DATA FOR THIS EXERCISE
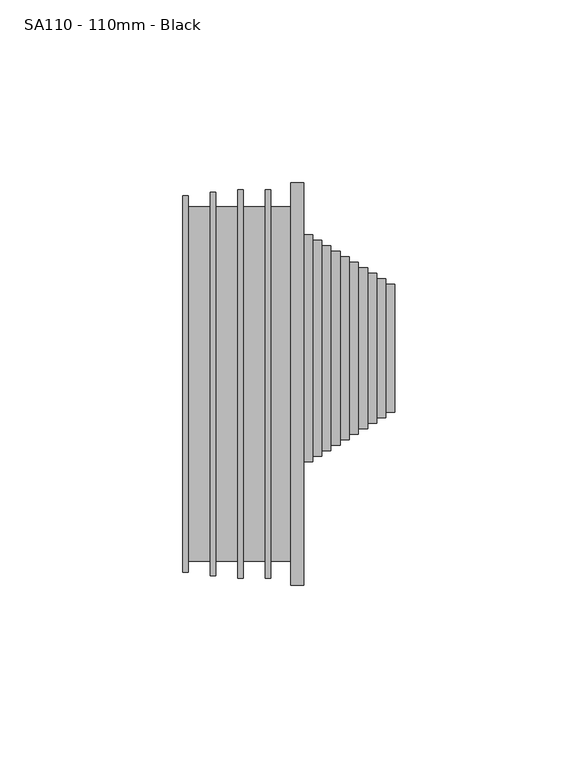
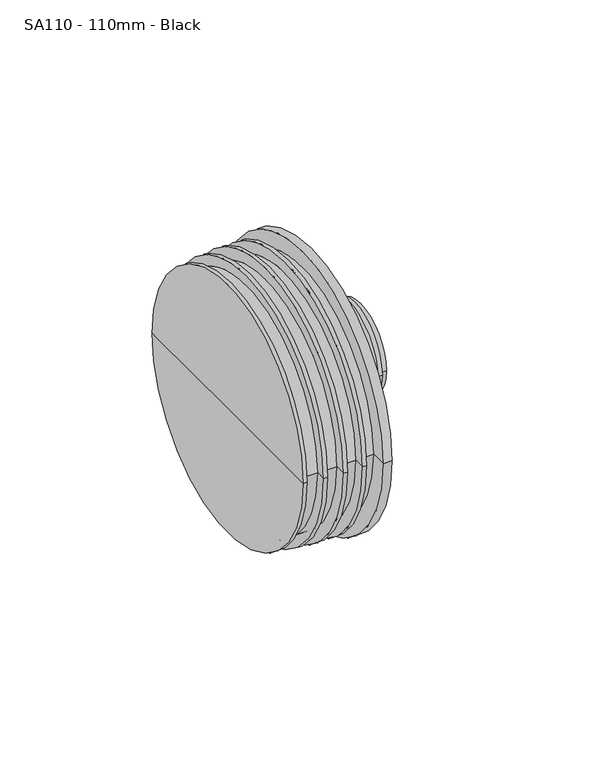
"""IFC4 building model written with IfcOpenShell, lengths in millimetres: pipe fitting geometry, MarleyPlumbingAndDrainage_PipeFitting_WasteDrainAdaptor : SA110 - 110mm - Black."""

from ifc_helpers import new_model, si_unit, frame, origin, place, context, project, spatial, circle_curve, source, transform, mapped, element, save
from ifc_brep_helpers import plane_surface, cylinder_surface, advanced_brep


def sa110_110mm_black_25943db1(model_context):
    return source(origin(), model_context, "Body", "AdvancedBrep", [
        advanced_brep(
        [(-44.3253818, 51.5, 0.0), (-44.3253818, -51.5, 0.0), (-44.3253818, -48.5, 0.0), (-44.3253818, 0.0, 0.0), (-44.3253818, 48.5, 0.0), (-20.3253818, -53.1, 0.0), (-20.3253818, 53.1, 0.0), (-20.3253818, 48.5, 0.0), (-20.3253818, -48.5, 0.0), (-21.8253818, -53.1, 0.0), (-21.8253818, 53.1, 0.0), (-21.8253818, -48.5, 0.0), (-21.8253818, 48.5, 0.0), (-27.8253818, -48.5, 0.0), (-27.8253818, 48.5, 0.0), (-27.8253818, -53.1, 0.0), (-27.8253818, 53.1, 0.0), (-29.3253818, -53.1, 0.0), (-29.3253818, 53.1, 0.0), (-29.3253818, -48.5, 0.0), (-29.3253818, 48.5, 0.0), (-35.3253818, -48.5, 0.0), (-35.3253818, 48.5, 0.0), (-35.3253818, -52.5, 0.0), (-35.3253818, 52.5, 0.0), (-36.8253818, -52.5, 0.0), (-36.8253818, 52.5, 0.0), (-36.8253818, -48.5, 0.0), (-36.8253818, 48.5, 0.0), (-42.8253818, -48.5, 0.0), (-42.8253818, 48.5, 0.0), (-42.8253818, -51.5, 0.0), (-42.8253818, 51.5, 0.0), (13.6746182, -7.75, 0.0), (13.6746182, 27.25, 0.0), (13.6746182, 9.75, 0.0), (11.1746182, -7.75, 0.0), (11.1746182, 27.25, 0.0), (11.1746182, -9.25, 0.0), (11.1746182, 28.75, 0.0), (8.6746182, -9.25, 0.0), (8.6746182, 28.75, 0.0), (8.6746182, -10.75, 0.0), (8.6746182, 30.25, 0.0), (6.1746182, -10.75, 0.0), (6.1746182, 30.25, 0.0), (6.1746182, -12.25, 0.0), (6.1746182, 31.75, 0.0), (3.6746182, -12.25, 0.0), (3.6746182, 31.75, 0.0), (3.6746182, -13.75, 0.0), (3.6746182, 33.25, 0.0), (1.1746182, -13.75, 0.0), (1.1746182, 33.25, 0.0), (1.1746182, -15.25, 0.0), (1.1746182, 34.75, 0.0), (-1.3253818, -15.25, 0.0), (-1.3253818, 34.75, 0.0), (-1.3253818, -16.75, 0.0), (-1.3253818, 36.25, 0.0), (-3.8253818, -16.75, 0.0), (-3.8253818, 36.25, 0.0), (-3.8253818, -18.25, 0.0), (-3.8253818, 37.75, 0.0), (-6.3253818, -18.25, 0.0), (-6.3253818, 37.75, 0.0), (-6.3253818, -19.79375, 0.0), (-6.3253818, 39.29375, 0.0), (-8.8253818, -19.79375, 0.0), (-8.8253818, 39.29375, 0.0), (-8.8253818, -21.25, 0.0), (-8.8253818, 40.75, 0.0), (-11.3253818, -21.25, 0.0), (-11.3253818, 40.75, 0.0), (-14.8253818, -55.0, 0.0), (-14.8253818, 55.0, 0.0), (-11.3253818, 55.0, 0.0), (-11.3253818, -55.0, 0.0), (-14.8253818, -48.5, 0.0), (-14.8253818, 48.5, 0.0)],
        [
            (0, 1, circle_curve(frame((-44.3253818, 0.0, 0.0), z_axis=(-1.0, 0.0, 0.0), x_axis=(0.0, 1.0, 0.0)), 51.5)),
            (1, 2),
            (2, 3),
            (3, 4),
            (4, 0),
            (1, 0, circle_curve(frame((-44.3253818, 0.0, 0.0), z_axis=(-1.0, 0.0, 0.0), x_axis=(0.0, 1.0, 0.0)), 51.5)),
            (5, 6, circle_curve(frame((-20.3253818, 0.0, 0.0), z_axis=(1.0, 0.0, 0.0), x_axis=(0.0, 1.0, 0.0)), 53.1)),
            (6, 7),
            (7, 8, circle_curve(frame((-20.3253818, 0.0, 0.0), z_axis=(-1.0, 0.0, 0.0), x_axis=(0.0, 1.0, 0.0)), 48.5)),
            (8, 5),
            (6, 5, circle_curve(frame((-20.3253818, 0.0, 0.0), z_axis=(1.0, 0.0, 0.0), x_axis=(0.0, 1.0, 0.0)), 53.1)),
            (8, 7, circle_curve(frame((-20.3253818, 0.0, 0.0), z_axis=(-1.0, 0.0, 0.0), x_axis=(0.0, 1.0, 0.0)), 48.5)),
            (5, 9),
            (9, 10, circle_curve(frame((-21.8253818, 0.0, 0.0), z_axis=(1.0, 0.0, 0.0), x_axis=(0.0, 1.0, 0.0)), 53.1)),
            (10, 6),
            (10, 9, circle_curve(frame((-21.8253818, 0.0, 0.0), z_axis=(1.0, 0.0, 0.0), x_axis=(0.0, 1.0, 0.0)), 53.1)),
            (9, 11),
            (11, 12, circle_curve(frame((-21.8253818, 0.0, 0.0), z_axis=(1.0, 0.0, 0.0), x_axis=(0.0, 1.0, 0.0)), 48.5)),
            (12, 10),
            (12, 11, circle_curve(frame((-21.8253818, 0.0, 0.0), z_axis=(1.0, 0.0, 0.0), x_axis=(0.0, 1.0, 0.0)), 48.5)),
            (11, 13),
            (13, 14, circle_curve(frame((-27.8253818, 0.0, 0.0), z_axis=(1.0, 0.0, 0.0), x_axis=(0.0, 1.0, 0.0)), 48.5)),
            (14, 12),
            (14, 13, circle_curve(frame((-27.8253818, 0.0, 0.0), z_axis=(1.0, 0.0, 0.0), x_axis=(0.0, 1.0, 0.0)), 48.5)),
            (13, 15),
            (15, 16, circle_curve(frame((-27.8253818, 0.0, 0.0), z_axis=(1.0, 0.0, 0.0), x_axis=(0.0, 1.0, 0.0)), 53.1)),
            (16, 14),
            (16, 15, circle_curve(frame((-27.8253818, 0.0, 0.0), z_axis=(1.0, 0.0, 0.0), x_axis=(0.0, 1.0, 0.0)), 53.1)),
            (15, 17),
            (17, 18, circle_curve(frame((-29.3253818, 0.0, 0.0), z_axis=(1.0, 0.0, 0.0), x_axis=(0.0, 1.0, 0.0)), 53.1)),
            (18, 16),
            (18, 17, circle_curve(frame((-29.3253818, 0.0, 0.0), z_axis=(1.0, 0.0, 0.0), x_axis=(0.0, 1.0, 0.0)), 53.1)),
            (17, 19),
            (19, 20, circle_curve(frame((-29.3253818, 0.0, 0.0), z_axis=(1.0, 0.0, 0.0), x_axis=(0.0, 1.0, 0.0)), 48.5)),
            (20, 18),
            (20, 19, circle_curve(frame((-29.3253818, 0.0, 0.0), z_axis=(1.0, 0.0, 0.0), x_axis=(0.0, 1.0, 0.0)), 48.5)),
            (19, 21),
            (21, 22, circle_curve(frame((-35.3253818, 0.0, 0.0), z_axis=(1.0, 0.0, 0.0), x_axis=(0.0, 1.0, 0.0)), 48.5)),
            (22, 20),
            (22, 21, circle_curve(frame((-35.3253818, 0.0, 0.0), z_axis=(1.0, 0.0, 0.0), x_axis=(0.0, 1.0, 0.0)), 48.5)),
            (21, 23),
            (23, 24, circle_curve(frame((-35.3253818, 0.0, 0.0), z_axis=(1.0, 0.0, 0.0), x_axis=(0.0, 1.0, 0.0)), 52.5)),
            (24, 22),
            (24, 23, circle_curve(frame((-35.3253818, 0.0, 0.0), z_axis=(1.0, 0.0, 0.0), x_axis=(0.0, 1.0, 0.0)), 52.5)),
            (23, 25),
            (25, 26, circle_curve(frame((-36.8253818, 0.0, 0.0), z_axis=(1.0, 0.0, 0.0), x_axis=(0.0, 1.0, 0.0)), 52.5)),
            (26, 24),
            (26, 25, circle_curve(frame((-36.8253818, 0.0, 0.0), z_axis=(1.0, 0.0, 0.0), x_axis=(0.0, 1.0, 0.0)), 52.5)),
            (25, 27),
            (27, 28, circle_curve(frame((-36.8253818, 0.0, 0.0), z_axis=(1.0, 0.0, 0.0), x_axis=(0.0, 1.0, 0.0)), 48.5)),
            (28, 26),
            (28, 27, circle_curve(frame((-36.8253818, 0.0, 0.0), z_axis=(1.0, 0.0, 0.0), x_axis=(0.0, 1.0, 0.0)), 48.5)),
            (27, 29),
            (29, 30, circle_curve(frame((-42.8253818, 0.0, 0.0), z_axis=(1.0, 0.0, 0.0), x_axis=(0.0, 1.0, 0.0)), 48.5)),
            (30, 28),
            (30, 29, circle_curve(frame((-42.8253818, 0.0, 0.0), z_axis=(1.0, 0.0, 0.0), x_axis=(0.0, 1.0, 0.0)), 48.5)),
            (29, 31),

WHAT YOU ARE ASKED TO DO
If a line of the data contains the word "from", count it; say how many such lines there are and nothing else.

FINISHED TASK
2